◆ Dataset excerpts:
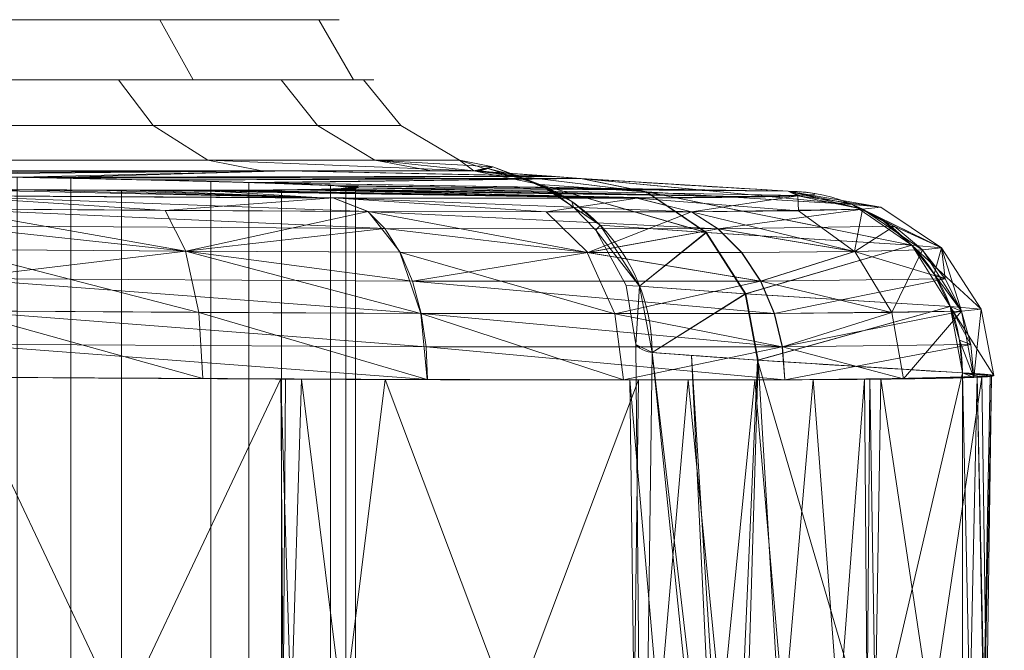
# Model space of a CAD drawing. Header units: millimetres. Extents: x -72 to 72, y -145 to 145.
# Tile 256 of 256: x 55 to 71, y 135 to 145. Entities that reach past the tile are written whole.
import ezdxf

# ---------------------------------------------------------------- set-up
doc = ezdxf.new("R2010")
doc.units = ezdxf.units.MM
doc.layers.add('1', color=7, linetype='CONTINUOUS')

msp = doc.modelspace()

# ---------------------------------------------------------------- linework, layer by layer
at = {"layer": '1', "color": 163, "linetype": 'Continuous', "lineweight": 13}
for p, q in [((70.739, 127.83, -46.708), (70.739, 139.17, -46.708)), ((70.739, 127.83, 46.708), (70.739, 139.17, 46.708))]:
    msp.add_line(p, q, dxfattribs=at)
at = {"layer": '1', "color": 163, "linetype": 'Continuous', "lineweight": 13, "extrusion": (0, -1, 0)}
msp.add_circle((0, 0, -145), 60.443, dxfattribs=at)
at = {"layer": '1', "color": 163, "linetype": 'Continuous', "lineweight": 13, "extrusion": (0, 1, 0)}
msp.add_circle((0, 0, 144.005), 61.018, dxfattribs=at)
at = {"layer": '1', "color": 163, "linetype": 'Continuous', "lineweight": 13, "extrusion": (0, -1, 0)}
for start, end in [(9.62085, 42.27869), (317.72131, 350.37915)]:
    msp.add_arc((0, 0, -142.505), 63.564, start, end, dxfattribs=at)
at = {"layer": '1', "color": 163, "linetype": 'Continuous', "lineweight": 13, "extrusion": (-0.051031, 0.003792, -0.99869)}
msp.add_arc((-143.762, -51.498, -13.267), 3, 176.7324, 265.7563, dxfattribs=at)
at = {"layer": '1', "color": 163, "linetype": 'Continuous', "lineweight": 13, "extrusion": (0.051031, -0.003792, -0.99869)}
msp.add_arc((143.762, 51.498, 13.267), 3, 356.7324, 85.7563, dxfattribs=at)
at = {"layer": '1', "color": 163, "linetype": 'Continuous', "lineweight": 13, "extrusion": (-0.227826, 0.012994, -0.973615)}
msp.add_arc((-142.806, -47.391, -59.784), 3, 177.4892, 266.8216, dxfattribs=at)
at = {"layer": '1', "color": 163, "linetype": 'Continuous', "lineweight": 13, "extrusion": (0.227826, -0.012994, -0.973615)}
msp.add_arc((142.806, 47.391, 59.784), 3, 357.4892, 86.8216, dxfattribs=at)
at = {"layer": '1', "color": 163, "linetype": 'Continuous', "lineweight": 13}
for points, knots in [([(47.03, 142.505, -42.762), (47.534, 142.502, -42.511), (48.052, 142.497, -42.308), (48.851, 142.489, -42.073), (49.121, 142.486, -42.006), (49.667, 142.48, -41.896), (49.945, 142.477, -41.853), (50.783, 142.467, -41.761), (51.339, 142.46, -41.749), (52.17, 142.448, -41.804), (52.446, 142.444, -41.835), (52.998, 142.435, -41.92), (53.275, 142.431, -41.976), (54.091, 142.417, -42.178), (54.616, 142.408, -42.359), (55.378, 142.394, -42.697), (55.627, 142.389, -42.821), (56.116, 142.38, -43.092), (56.357, 142.375, -43.24), (57.052, 142.36, -43.71), (57.482, 142.35, -44.061), (58.081, 142.336, -44.641), (58.272, 142.331, -44.844), (58.638, 142.322, -45.268), (58.813, 142.317, -45.49), (59.302, 142.303, -46.169), (59.586, 142.294, -46.647), (60.068, 142.276, -47.649), (60.268, 142.268, -48.18), (60.567, 142.252, -49.254), (60.668, 142.245, -49.8), (60.775, 142.231, -50.908), (60.779, 142.224, -51.475), (60.69, 142.213, -52.585), (60.597, 142.208, -53.133), (60.314, 142.199, -54.212), (60.122, 142.195, -54.745), (59.656, 142.189, -55.755), (59.38, 142.187, -56.237), (58.901, 142.185, -56.924), (58.73, 142.184, -57.149), (58.37, 142.183, -57.578), (58.182, 142.183, -57.784), (57.592, 142.183, -58.374), (57.167, 142.184, -58.731), (56.479, 142.186, -59.212), (56.241, 142.187, -59.363), (55.756, 142.189, -59.642), (55.508, 142.191, -59.77), (54.752, 142.195, -60.12), (54.229, 142.199, -60.308), (53.416, 142.206, -60.523), (53.141, 142.208, -60.582), (52.59, 142.213, -60.677), (52.314, 142.216, -60.711), (51.484, 142.224, -60.779), (50.928, 142.231, -60.776), (49.809, 142.244, -60.67), (49.259, 142.252, -60.568), (48.189, 142.268, -60.271), (47.667, 142.276, -60.076), (46.652, 142.294, -59.589), (46.174, 142.303, -59.305), (45.498, 142.317, -58.819), (45.279, 142.321, -58.647), (44.857, 142.331, -58.284), (44.652, 142.336, -58.091), (44.064, 142.35, -57.487), (43.713, 142.36, -57.056), (43.246, 142.374, -56.366), (43.1, 142.379, -56.13), (42.829, 142.389, -55.642), (42.702, 142.394, -55.389), (42.36, 142.408, -54.622), (42.18, 142.417, -54.096), (41.979, 142.431, -53.287), (41.923, 142.435, -53.015), (41.837, 142.443, -52.462), (41.805, 142.448, -52.181), (41.749, 142.46, -51.344), (41.761, 142.467, -50.789), (41.851, 142.477, -49.96), (41.894, 142.48, -49.684), (42.003, 142.486, -49.135), (42.07, 142.489, -48.86), (42.307, 142.497, -48.054), (42.511, 142.502, -47.534), (42.762, 142.505, -47.03)], [0, 0, 0, 0, 0.03125, 0.03125, 0.046875, 0.046875, 0.0625, 0.0625, 0.09375, 0.09375, 0.109375, 0.109375, 0.125, 0.125, 0.15625, 0.15625, 0.171875, 0.171875, 0.1875, 0.1875, 0.21875, 0.21875, 0.234375, 0.234375, 0.25, 0.25, 0.28125, 0.28125, 0.3125, 0.3125, 0.34375, 0.34375, 0.375, 0.375, 0.40625, 0.40625, 0.4375, 0.4375, 0.46875, 0.46875, 0.484375, 0.484375, 0.5, 0.5, 0.53125, 0.53125, 0.546875, 0.546875, 0.5625, 0.5625, 0.59375, 0.59375, 0.609375, 0.609375, 0.625, 0.625, 0.65625, 0.65625, 0.6875, 0.6875, 0.71875, 0.71875, 0.75, 0.75, 0.765625, 0.765625, 0.78125, 0.78125, 0.8125, 0.8125, 0.828125, 0.828125, 0.84375, 0.84375, 0.875, 0.875, 0.890625, 0.890625, 0.90625, 0.90625, 0.9375, 0.9375, 0.953125, 0.953125, 0.96875, 0.96875, 1, 1, 1, 1]), ([(42.762, 142.505, 47.03), (42.511, 142.502, 47.534), (42.308, 142.497, 48.052), (42.073, 142.489, 48.851), (42.006, 142.486, 49.121), (41.896, 142.48, 49.667), (41.853, 142.477, 49.945), (41.761, 142.467, 50.783), (41.749, 142.46, 51.339), (41.804, 142.448, 52.17), (41.835, 142.444, 52.446), (41.92, 142.435, 52.998), (41.976, 142.431, 53.275), (42.178, 142.417, 54.091), (42.359, 142.408, 54.616), (42.697, 142.394, 55.378), (42.821, 142.389, 55.627), (43.092, 142.38, 56.116), (43.24, 142.375, 56.357), (43.71, 142.36, 57.052), (44.061, 142.35, 57.482), (44.641, 142.336, 58.081), (44.844, 142.331, 58.272), (45.268, 142.322, 58.638), (45.49, 142.317, 58.813), (46.169, 142.303, 59.302), (46.647, 142.294, 59.586), (47.649, 142.276, 60.068), (48.18, 142.268, 60.268), (49.254, 142.252, 60.567), (49.8, 142.245, 60.668), (50.908, 142.231, 60.775), (51.475, 142.224, 60.779), (52.585, 142.213, 60.69), (53.133, 142.208, 60.597), (54.212, 142.199, 60.314), (54.745, 142.195, 60.122), (55.755, 142.189, 59.656), (56.237, 142.187, 59.38), (56.924, 142.185, 58.901), (57.149, 142.184, 58.73), (57.578, 142.183, 58.37), (57.784, 142.183, 58.182), (58.374, 142.183, 57.592), (58.731, 142.184, 57.167), (59.212, 142.186, 56.479), (59.363, 142.187, 56.241), (59.642, 142.189, 55.756), (59.77, 142.191, 55.508), (60.12, 142.195, 54.752), (60.308, 142.199, 54.229), (60.523, 142.206, 53.416), (60.582, 142.208, 53.141), (60.677, 142.213, 52.59), (60.711, 142.216, 52.314), (60.779, 142.224, 51.484), (60.776, 142.231, 50.928), (60.67, 142.244, 49.809), (60.568, 142.252, 49.259), (60.271, 142.268, 48.189), (60.076, 142.276, 47.667), (59.589, 142.294, 46.652), (59.305, 142.303, 46.174), (58.819, 142.317, 45.498), (58.647, 142.321, 45.279), (58.284, 142.331, 44.857), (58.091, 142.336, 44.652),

◆ About this task: State how many lines of the entries include the string "units", with nothing besides the number.

◆ Written solution: 2